J’ai longtemps eu beaucoup d’admiration pour René-Daniel Dubois, le comédien, auteur et dramaturge à qui l’on doit Being at home with Claude, Panique à Longueuil ou Ne blâmez jamais les bédouins. Mais il est devenu un petit curé qui n’entend pas à rire.

Sur Facebook, il a écrit à propos du pétage de coche de Michel Charrette : « Tout est faux dans ce déchet. Tout. [...] Des mensonges lâches, (pas) un atome de vérité. »

Un auteur de pièces de théâtre (donc des œuvres de fiction) qui reproche à une série de télé (donc une œuvre de fiction) de ne pas être « vraie », avouez que c’est assez ironique.

Qu’un grand esprit comme RDD n’ait pas été capable de voir que cette scène est une caricature, une exagération, une parodie, c’est assez décourageant. Mais il va encore plus loin en écrivant : « Je vis dans une société en train de se noyer dans ses mensonges, une société où la haine pour la jeunesse est rien de moins que terrifiante. »

Wô, on se calme. La scène où le prof hurle « Année après année, j’enseigne à des élèves encore plus imbéciles que ceux de l’année d’avant ! », ce n’est pas un appel à prendre un bâton de baseball pour aller leur défoncer le crâne. C’est le cri du cœur d’un homme déprimé, en plein délire, sur le bord du burn-out.

Le journal Métro a interviewé plusieurs spécialistes (la plupart issus de l’UQAM) qui sont offensés par cette scène qu’ils trouvent dangereuse et bourrée de stéréotypes. Vous vous rappelez que le pétage de coche de Michel Charrette est déclenché par une élève qui affirme que le mot autoroute n’a pas à s’écrire au féminin ou au masculin, parce que l’autoroute peut bien choisir son genre. C’est tellement évident que c’est une caricature, une blague sur l’écriture inclusive.

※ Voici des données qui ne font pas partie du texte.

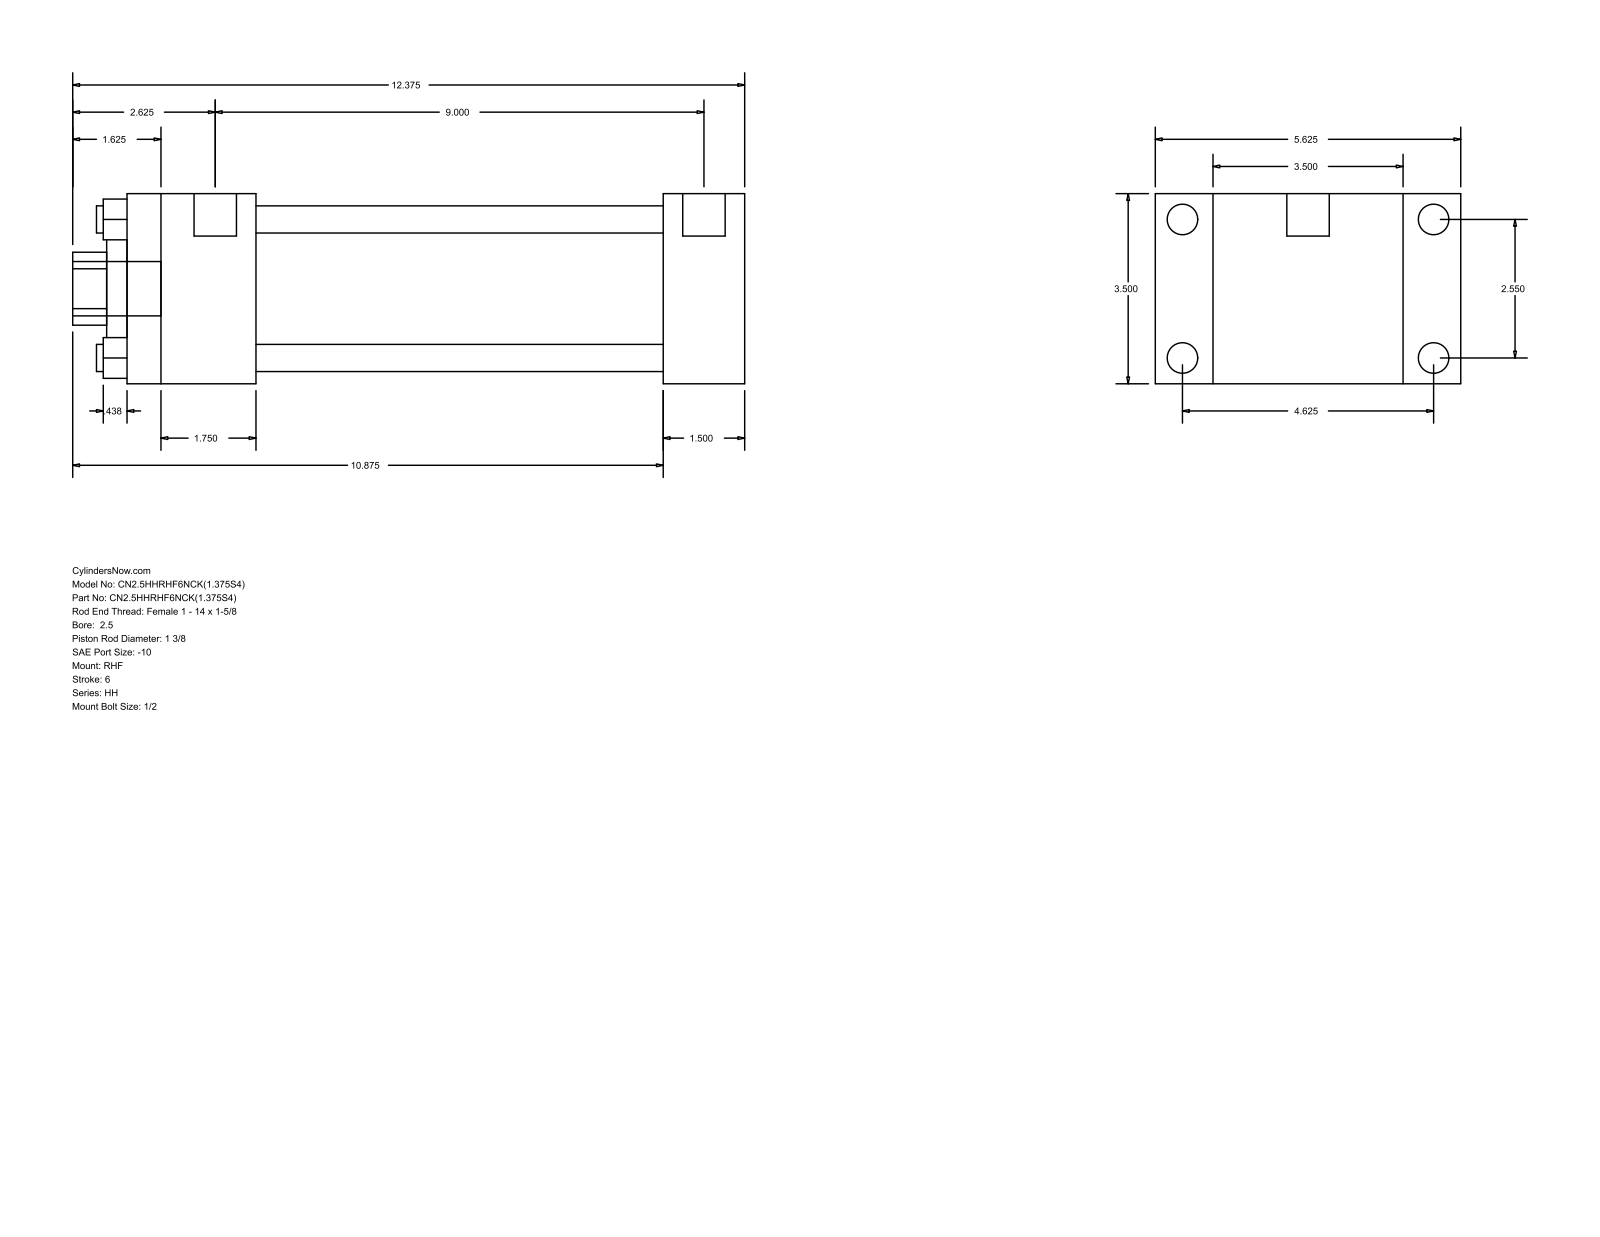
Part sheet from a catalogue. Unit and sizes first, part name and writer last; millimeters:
Units: millimetres
Overall size (bounding box): 314.32 × 142.88 × 88.9
Round holes (diameter × count): ⌀12.7 ×4, ⌀34.92 ×1, ⌀50.8 ×1, ⌀73.03 ×1
Round bosses / shafts (diameter × count): ⌀14.3 ×4, ⌀5.56 ×4, ⌀19.84 ×2, ⌀25.4 ×1
Partial cylindrical surfaces — rounded edges, fillets, slot ends (radius × count): R17.06 ×1
Main face-to-face distances: 88.9, 38.09, 26.99, 115.89, 250.83, 288.92, 142.88, 60.32, 190.51, 228.6
Hole centre spacings: 45.79, 64.76, 91.58
Bodies: 0 solids, 88 faces (60 planar, 28 cylindrical, 0 other)
Part name (STEP PRODUCT): HH_RHF__0250_1.375
STEP written by: GSSL Pune (CONFIG_CONTROL_DESIGN)
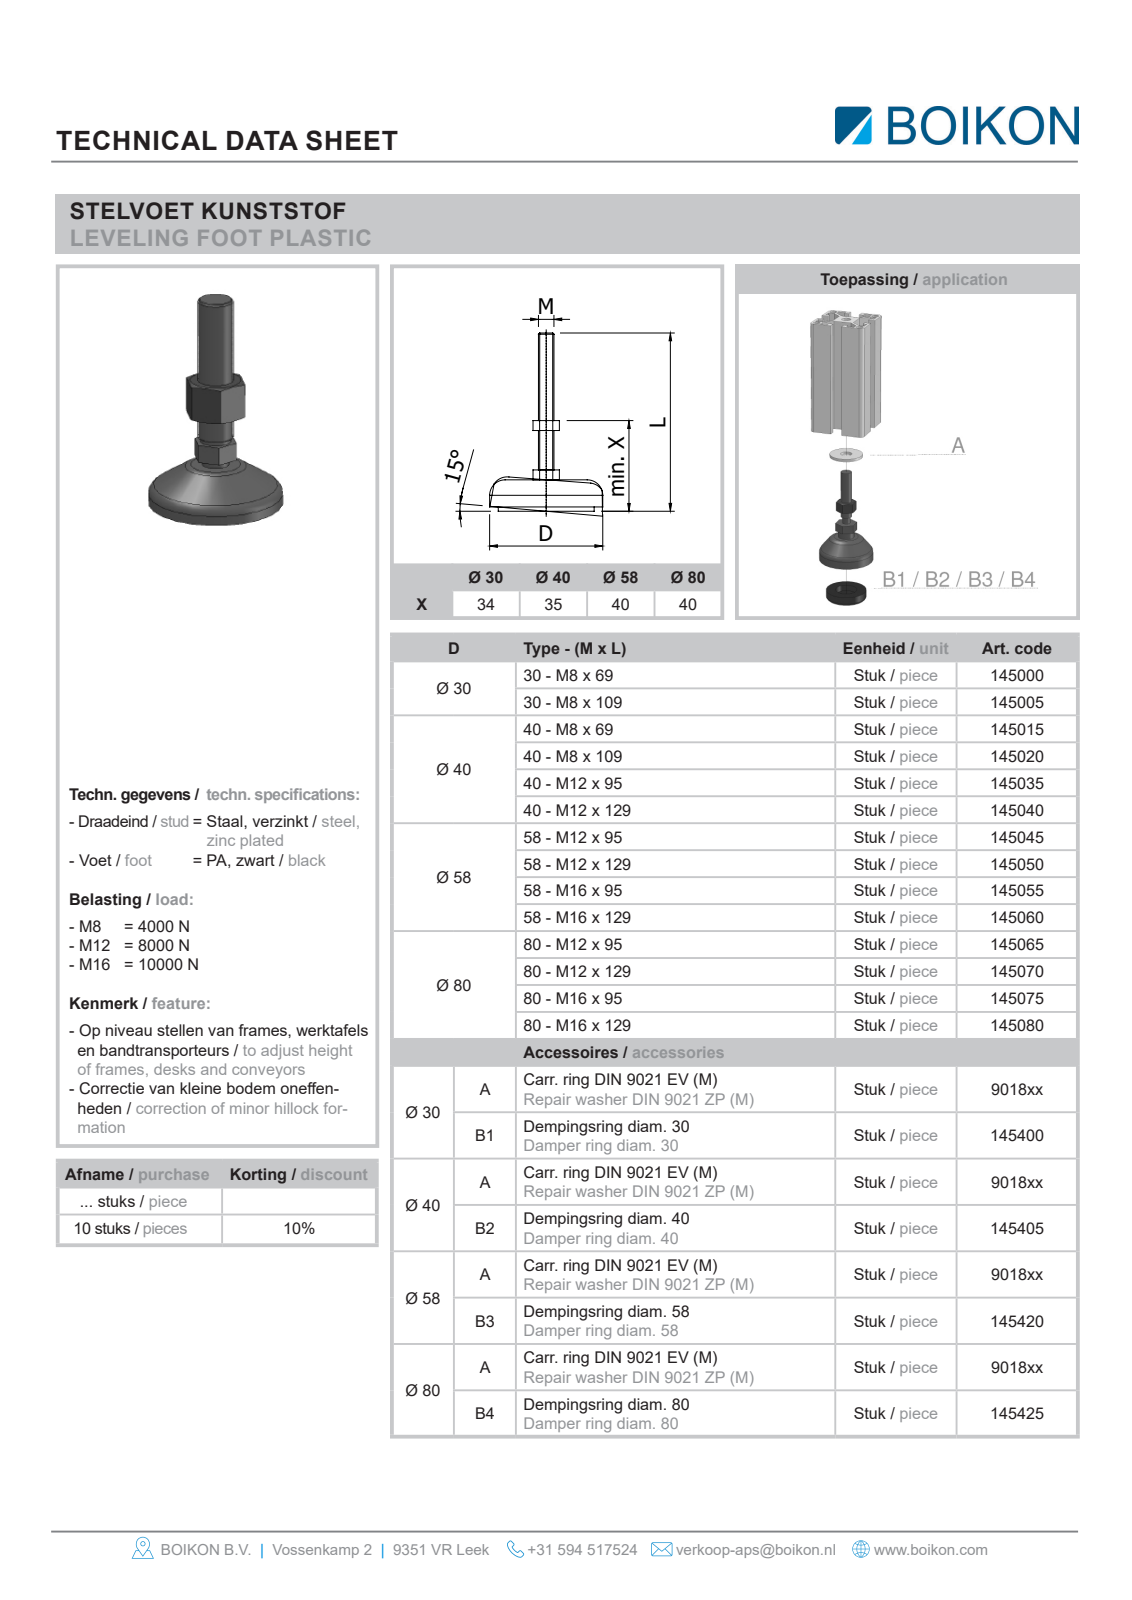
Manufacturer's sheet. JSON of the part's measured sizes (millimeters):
{"part_name": "Root; 145035Stelvoet 40 - M12 x 95, kunststofBOIKON; 901812Carr. ring DIN 9021 EV M12BOIKON0; 145405Dempingsring diam. 40BOIKON0 (+1 more)", "step_written_by": "HiCAD 2013 1802.4 Build 509 (AUTOMOTIVE_DESIGN)", "units": "millimeters", "bodies": {"solids": 4, "faces": 46, "planar": 27, "cylindrical": 11, "other": 8}, "overall_size": [97, 40, 40], "volume_mm3": 32146, "surface_area_mm2": 13756, "round_holes": [[10.11, 1], [13, 1], [16, 1], [33, 1]], "round_bosses_or_shafts": [[40, 1], [37, 1], [30, 1], [15, 1], [12, 1], [10, 1]], "face_to_face_distances": [49.7, 53, 3.3, 2, 18, 7, 56.7, 60, 5, 16]}

Mais selon une linguiste qui a sûrement autant de sens de l’humour qu’un barreau de chaise, « ce genre de scène vient creuser encore plus le fossé entre les générations et crée un sentiment d’isolement chez les jeunes. Cette scène peut coûter cher à l’avenir de la langue française et à la santé mentale des jeunes. »

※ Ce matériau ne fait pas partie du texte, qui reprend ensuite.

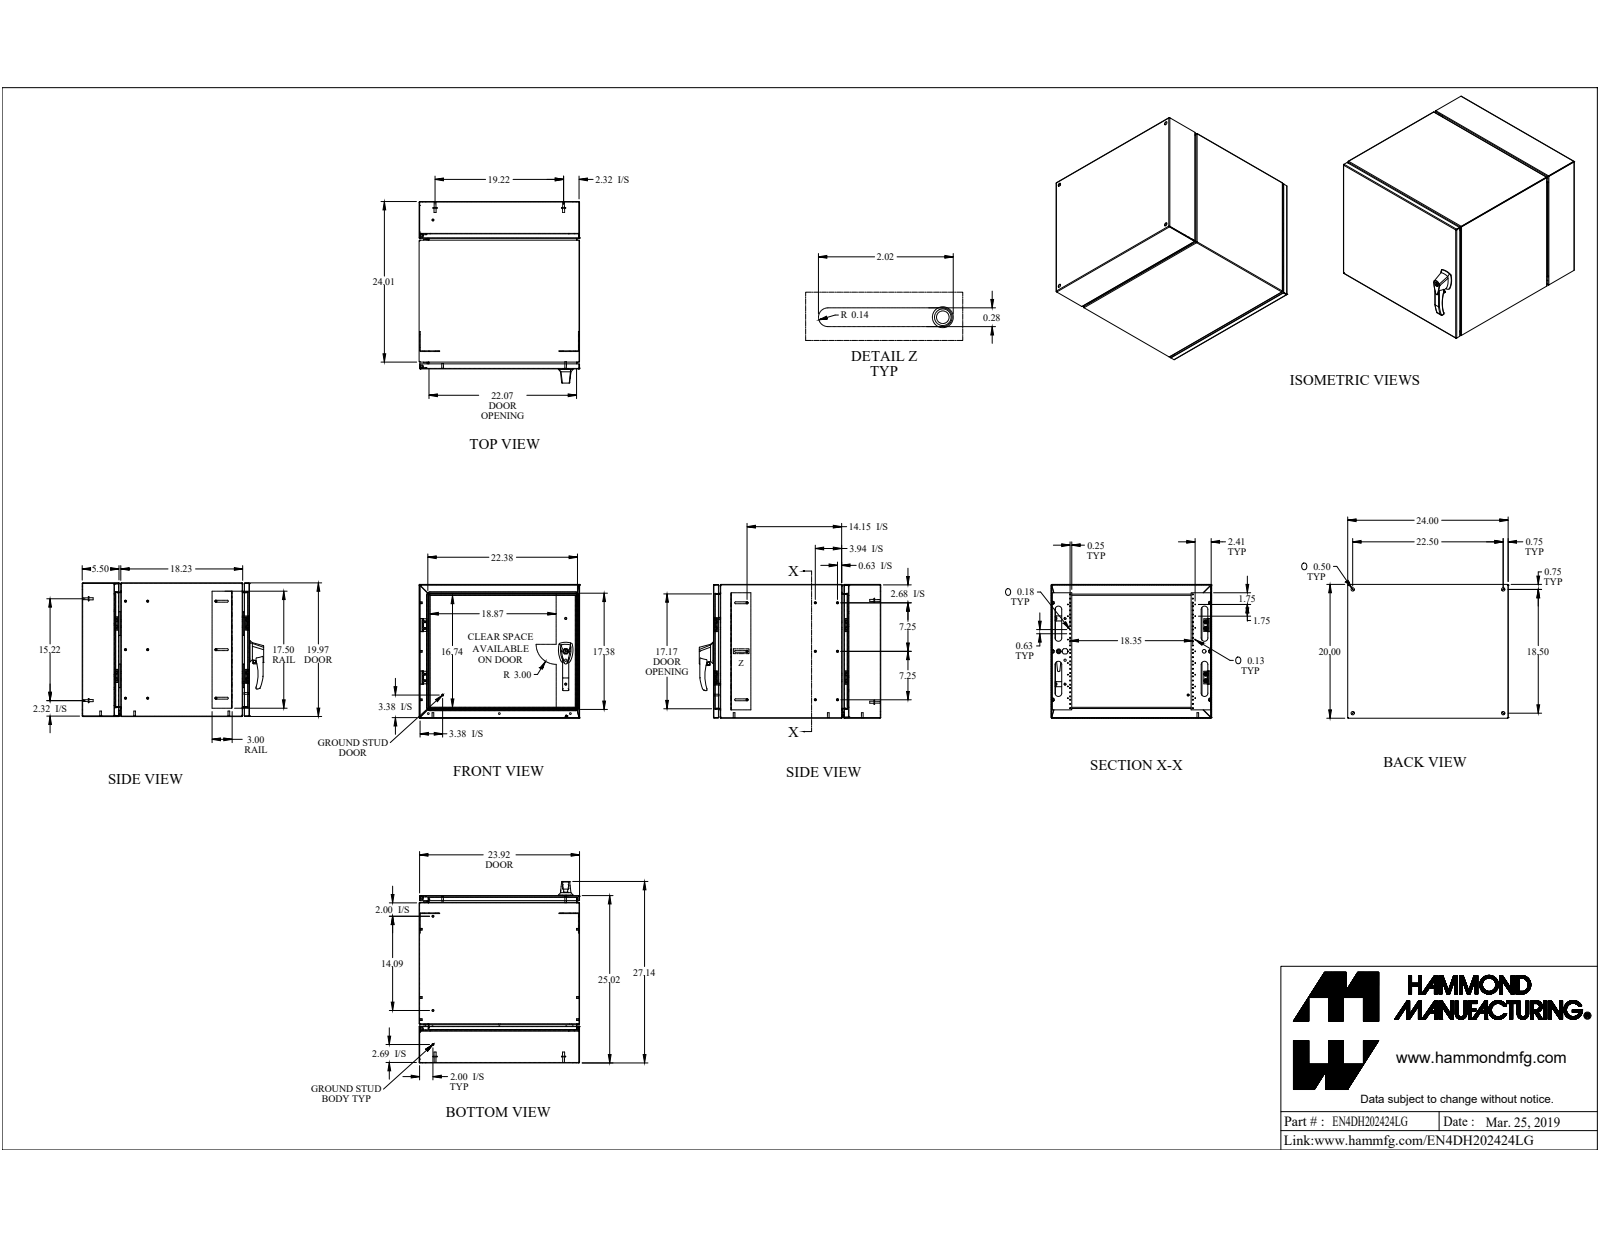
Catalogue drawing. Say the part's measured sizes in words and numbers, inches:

Mon Dieu ! Les pôvres petits étudiants québécois vont être traumatisés à vie à cause d’une scène de fiction ?

ÇA VAUT UNE RISÉE

À son émission à QUB radio, Richard Martineau a reçu un psychologue qui affirme que plusieurs de ses patients, qui sont professeurs, ont adoré ce « pétage de coche », car cela leur a fait du bien.

Mais personne ne pense qu’ils passeraient à l’acte en cassant tout dans leur classe et en renversant des bureaux !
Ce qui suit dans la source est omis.